Conformational preferences of the 2-methylproline residue and its role in stabilizing β-turn and polyproline II structures of peptides

Abstract

Conformational preferences of the 2-methylproline (2-MePro) residue and its role in stabilizing β-turn and polyproline II (PII) structures of peptides have been studied using density functional methods in the gas phase and in water. The population of the C7 H-bonded structures of Ac-2-MePro-NHMe is calculated to be dominant in the gas phase, whereas they become significantly depopulated and the populations of polyproline and α-helical structures increase in water. Due to the increased stability of the up-puckered PII structure, the populations of its PII and PI structures are more increased by 10.9% and decreased by 12.2% than Ac-Pro-NHMe in water, respectively.

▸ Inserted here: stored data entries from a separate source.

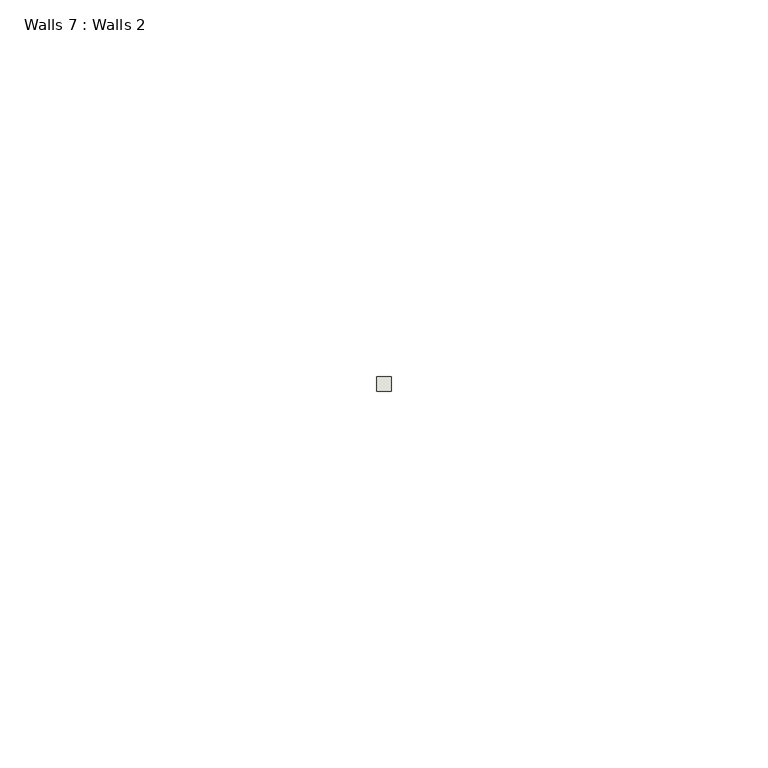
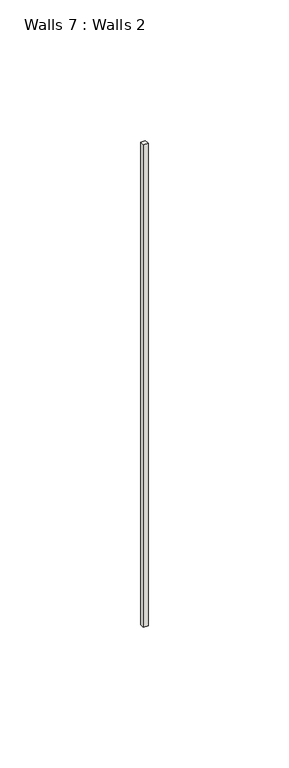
"""IFC4 building model written with IfcOpenShell, lengths in millimetres: wall geometry, Walls 7 : Walls 2."""

import ifcopenshell
import ifcopenshell.guid

model = None  # the IFC model being written
_history = None  # IfcOwnerHistory: only IFC2X3 demands one
_inside = {}  # id of a spatial element -> (the spatial element, [elements in it])
_under = {}  # id of a project, library or spatial element -> (it, [spatial elements below it])
_declared = {}  # id of a project -> (the project, [libraries it declares])
_typed = {}  # id of a type object -> (the type object, [elements of that type])
_made_of = {}  # id of a material, layer set ... -> (it, [elements and type objects made of it])


def new_model(schema):
    """Start an empty IFC model of exactly this schema.

    Asked for "IFC4X3", IfcOpenShell would pick the latest addendum, in which some entities
    have other attributes; the version numbers below select the first issue.
    IFC2X3 requires an IfcOwnerHistory on every rooted entity: one is made here for all.
    """
    global model, _history
    if schema == "IFC4X3":
        model = ifcopenshell.file(schema_version=(4, 3, 0, 0))
    else:
        model = ifcopenshell.file(schema=schema)
    _inside.clear()
    _under.clear()
    _declared.clear()
    _typed.clear()
    _made_of.clear()
    _history = None
    if model.schema == "IFC2X3":
        org = make("IfcOrganization", Name="unknown")
        user = make(
            "IfcPersonAndOrganization",
            ThePerson=make("IfcPerson", FamilyName="unknown"),
            TheOrganization=org,
        )
        app = make(
            "IfcApplication",
            ApplicationDeveloper=org,
            Version="unknown",
            ApplicationFullName="unknown",
            ApplicationIdentifier="unknown",
        )
        _history = make(
            "IfcOwnerHistory",
            OwningUser=user,
            OwningApplication=app,
            ChangeAction="ADDED",
            CreationDate=0,
        )
    return model


def make(cls, **values):
    """One entity of the class cls with the attributes given. An attribute that is None is left unset."""
    return model.create_entity(
        cls, **{name: value for name, value in values.items() if value is not None}
    )


def rooted(cls, **values):
    """An entity with a GlobalId (a new one), such as an element, a storey or a relation."""
    return make(cls, GlobalId=ifcopenshell.guid.new(), OwnerHistory=_history, **values)


def si_unit(unit_type, name, prefix=None):
    """IfcSIUnit, for example si_unit("LENGTHUNIT", "METRE", prefix="MILLI")."""
    return make("IfcSIUnit", UnitType=unit_type, Prefix=prefix, Name=name)


def assignment(units):
    """IfcUnitAssignment: the units of a project."""
    return None if units is None else make("IfcUnitAssignment", Units=units)


def point(xyz):
    """IfcCartesianPoint."""
    return None if xyz is None else make("IfcCartesianPoint", Coordinates=xyz)


def direction(xyz):
    """IfcDirection."""
    return None if xyz is None else make("IfcDirection", DirectionRatios=xyz)


def frame(location, z_axis=None, x_axis=None):
    """IfcAxis2Placement3D, a coordinate frame: its origin and axes. An axis left out is left unset."""
    return make(
        "IfcAxis2Placement3D",
        Location=point(location),
        Axis=direction(z_axis),
        RefDirection=direction(x_axis),
    )


def origin():
    """The frame at (0, 0, 0) with its axes left unset."""
    return frame((0.0, 0.0, 0.0))


def place(relative_to, where):
    """IfcLocalPlacement: puts the frame where relative to a parent placement (None: the world)."""
    return make(
        "IfcLocalPlacement", PlacementRelTo=relative_to, RelativePlacement=where
    )


def context(
    kind, dimensions, precision=None, world=None, true_north=None, identifier=None
):
    """IfcGeometricRepresentationContext, for example the 3D "Model" context."""
    return make(
        "IfcGeometricRepresentationContext",
        ContextIdentifier=identifier,
        ContextType=kind,
        CoordinateSpaceDimension=dimensions,
        Precision=precision,
        WorldCoordinateSystem=world,
        TrueNorth=true_north,
    )


def project(units=None, contexts=None):
    """IfcProject with its units and contexts."""
    return rooted(
        "IfcProject",
        Name="project",
        RepresentationContexts=contexts,
        UnitsInContext=assignment(units),
    )


def spatial(cls, under=None, at=None, **own):
    """A site, building, storey or space (cls), placed at a placement, below another one or the project."""
    s = rooted(cls, ObjectPlacement=at, **own)
    if under is not None:
        _under.setdefault(under.id(), (under, []))[1].append(s)
    return s


def polyline(points):
    """IfcPolyline through the points."""
    return make("IfcPolyline", Points=[point(p) for p in points])


def outline(outer, holes=None, kind="AREA"):
    """IfcArbitraryClosedProfileDef: a profile drawn as a closed curve; with holes, ...WithVoids."""
    if holes is None:
        return make("IfcArbitraryClosedProfileDef", ProfileType=kind, OuterCurve=outer)
    return make(
        "IfcArbitraryProfileDefWithVoids",
        ProfileType=kind,
        OuterCurve=outer,
        InnerCurves=holes,
    )


def extrude(swept, where, along, depth):
    """IfcExtrudedAreaSolid: the profile swept, set in the frame where, extruded along a direction by depth."""
    return make(
        "IfcExtrudedAreaSolid",
        SweptArea=swept,
        Position=where,
        ExtrudedDirection=direction(along),
        Depth=depth,
    )


def shape(context_of_items, identifier, shape_type, items):
    """IfcShapeRepresentation: the items that make up one representation, for example the "Body"."""
    return make(
        "IfcShapeRepresentation",
        ContextOfItems=context_of_items,
        RepresentationIdentifier=identifier,
        RepresentationType=shape_type,
        Items=items,
    )


def source(mapping_origin, context_of_items, identifier, shape_type, items):
    """IfcRepresentationMap: a shape defined once, which mapped items show again and again."""
    return make(
        "IfcRepresentationMap",
        MappingOrigin=mapping_origin,
        MappedRepresentation=shape(context_of_items, identifier, shape_type, items),
    )


def transform(
    local_origin,
    x_axis=None,
    y_axis=None,
    z_axis=None,
    scale=None,
    scale2=None,
    scale3=None,
    uniform=True,
):
    """IfcCartesianTransformationOperator3D, or its non-uniform kind. x_axis, y_axis, z_axis: its Axis1, 2, 3."""
    if uniform:
        return make(
            "IfcCartesianTransformationOperator3D",
            Axis1=direction(x_axis),
            Axis2=direction(y_axis),
            LocalOrigin=point(local_origin),
            Scale=scale,
            Axis3=direction(z_axis),
        )
    return make(
        "IfcCartesianTransformationOperator3DnonUniform",
        Axis1=direction(x_axis),
        Axis2=direction(y_axis),
        LocalOrigin=point(local_origin),
        Scale=scale,
        Axis3=direction(z_axis),
        Scale2=scale2,
        Scale3=scale3,
    )


def mapped(mapping_source, mapping_target):
    """IfcMappedItem: shows the shape of a source again, moved by a transform."""
    return make(
        "IfcMappedItem", MappingSource=mapping_source, MappingTarget=mapping_target
    )


def made_of(thing, what):
    """Note that an element or type object is made of a material, layer set ...; save() writes the relation."""
    if what is not None:
        _made_of.setdefault(what.id(), (what, []))[1].append(thing)
    return thing


def element(
    cls,
    number,
    at=None,
    inside=None,
    cuts=None,
    type_object=None,
    material=None,
    context=None,
    identifier="Body",
    shape_type=None,
    held_by="IfcProductDefinitionShape",
    body=None,
    shapes=None,
    **own,
):
    """One element of the class cls, such as IfcWall. Its Tag is "e" and its number.

    at: its placement. inside: the storey or other place that contains it. cuts: it is an
    opening in that element (IfcRelVoidsElement). A single representation is given by context,
    identifier, shape_type and body (its items); several are given by shapes. held_by: the class
    of the entity that holds the representations. save() writes the other relations.
    """
    e = rooted(cls, Tag="e%d" % number, ObjectPlacement=at, **own)
    if body is not None:
        shapes = [shape(context, identifier, shape_type, body)]
    if shapes is not None:
        e.Representation = make(held_by, Representations=shapes)
    if inside is not None:
        _inside.setdefault(inside.id(), (inside, []))[1].append(e)
    if cuts is not None:
        rooted(
            "IfcRelVoidsElement", RelatingBuildingElement=cuts, RelatedOpeningElement=e
        )
    if type_object is not None:
        _typed.setdefault(type_object.id(), (type_object, []))[1].append(e)
    return made_of(e, material)


def aggregate(whole, parts):
    """IfcRelAggregates: a whole, such as a stair, and the parts it consists of."""
    return rooted("IfcRelAggregates", RelatingObject=whole, RelatedObjects=parts)


def save(model, path):
    """Write the relations noted so far, then the file.

    IfcRelAggregates (storeys below a building ...), IfcRelContainedInSpatialStructure (elements
    in a storey), IfcRelDefinesByType, IfcRelAssociatesMaterial and IfcRelDeclares: one each for
    every whole, place, type object, material and project.
    """
    for whole, parts in _under.values():
        aggregate(whole, parts)
    for where, things in _inside.values():
        rooted(
            "IfcRelContainedInSpatialStructure",
            RelatedElements=things,
            RelatingStructure=where,
        )
    for kind, things in _typed.values():
        rooted("IfcRelDefinesByType", RelatedObjects=things, RelatingType=kind)
    for what, things in _made_of.values():
        rooted("IfcRelAssociatesMaterial", RelatedObjects=things, RelatingMaterial=what)
    for by, libraries in _declared.values():
        rooted("IfcRelDeclares", RelatingContext=by, RelatedDefinitions=libraries)
    model.write(path)


def walls_7_walls_2_4189c416(model_context):
    return source(origin(), model_context, "Body", "SweptSolid", [
        extrude(outline(polyline([(5730.0970664, 5610.2116343), (5728.1276469, 5610.2116343), (5728.1276469, 5612.1645834), (5730.0970664, 5612.1645834), (5730.0970664, 5610.2116343)])), frame((0.0, 0.0, 1999.9166594), z_axis=(0.0, 0.0, 1.0), x_axis=(1.0, 0.0, 0.0)), (0.0, 0.0, 1.0), 209.4776488),
    ])


if __name__ == "__main__":
    model = new_model("IFC4")
    model_context = context("Model", 3, world=origin())
    ifc_project = project(units=[si_unit("LENGTHUNIT", "METRE", prefix="MILLI")], contexts=[model_context])
    site = spatial("IfcSite", under=ifc_project)
    building = spatial("IfcBuilding", under=site)
    placement = place(None, origin())
    walls_7_walls_2_shape = walls_7_walls_2_4189c416(model_context)
    element("IfcWall", 1, ObjectType="Walls 7 : Walls 2", at=placement, inside=building, context=model_context, shape_type="MappedRepresentation", body=[
        mapped(walls_7_walls_2_shape, transform((0.0, 0.0, 0.0), x_axis=(1.0, 0.0, 0.0), y_axis=(0.0, 1.0, 0.0), z_axis=(0.0, 0.0, 1.0))),
    ])
    save(model, "model.ifc")

There is a large decrease in the cis population by 20.6% for the prolyl peptide bond by replacing Pro with 2-MePro in water, which is consistent with 13C NMR experiments. For Ac-Ala-2-MePro-NHMe, the conformer with a βI-turn is found to be the most preferred conformer with the population of 25.2% in water, whereas the open conformers are dominantly populated for Ac-Ala-Pro-NHMe. This is consistent with experimental results that the Ala-Pro sequence of the antigen mimotope associated with autoimmune recurrent thrombosis has been known to adopt a stable βI-turn structure with the replacement of Pro by 2-MePro in water. With the replacement of a single Pro by 2-MePro in the middle of the sequences of the polyproline model peptide Ac-(Pro)5-NMe2 and the single-strand model peptide of collagen Ac-(Hyp-Gly-Pro)2-NMe2, the relative stabilities of the PII structures are enhanced by 8.11 and 3.91 kcal mol−1, respectively, although there are only small changes in backbone torsion angles of both PII and PI structures. It can be deduced that the single strands of (Hyp-Gly-2-MePro)n with the stable PII structure might provide more stability to their triple helix.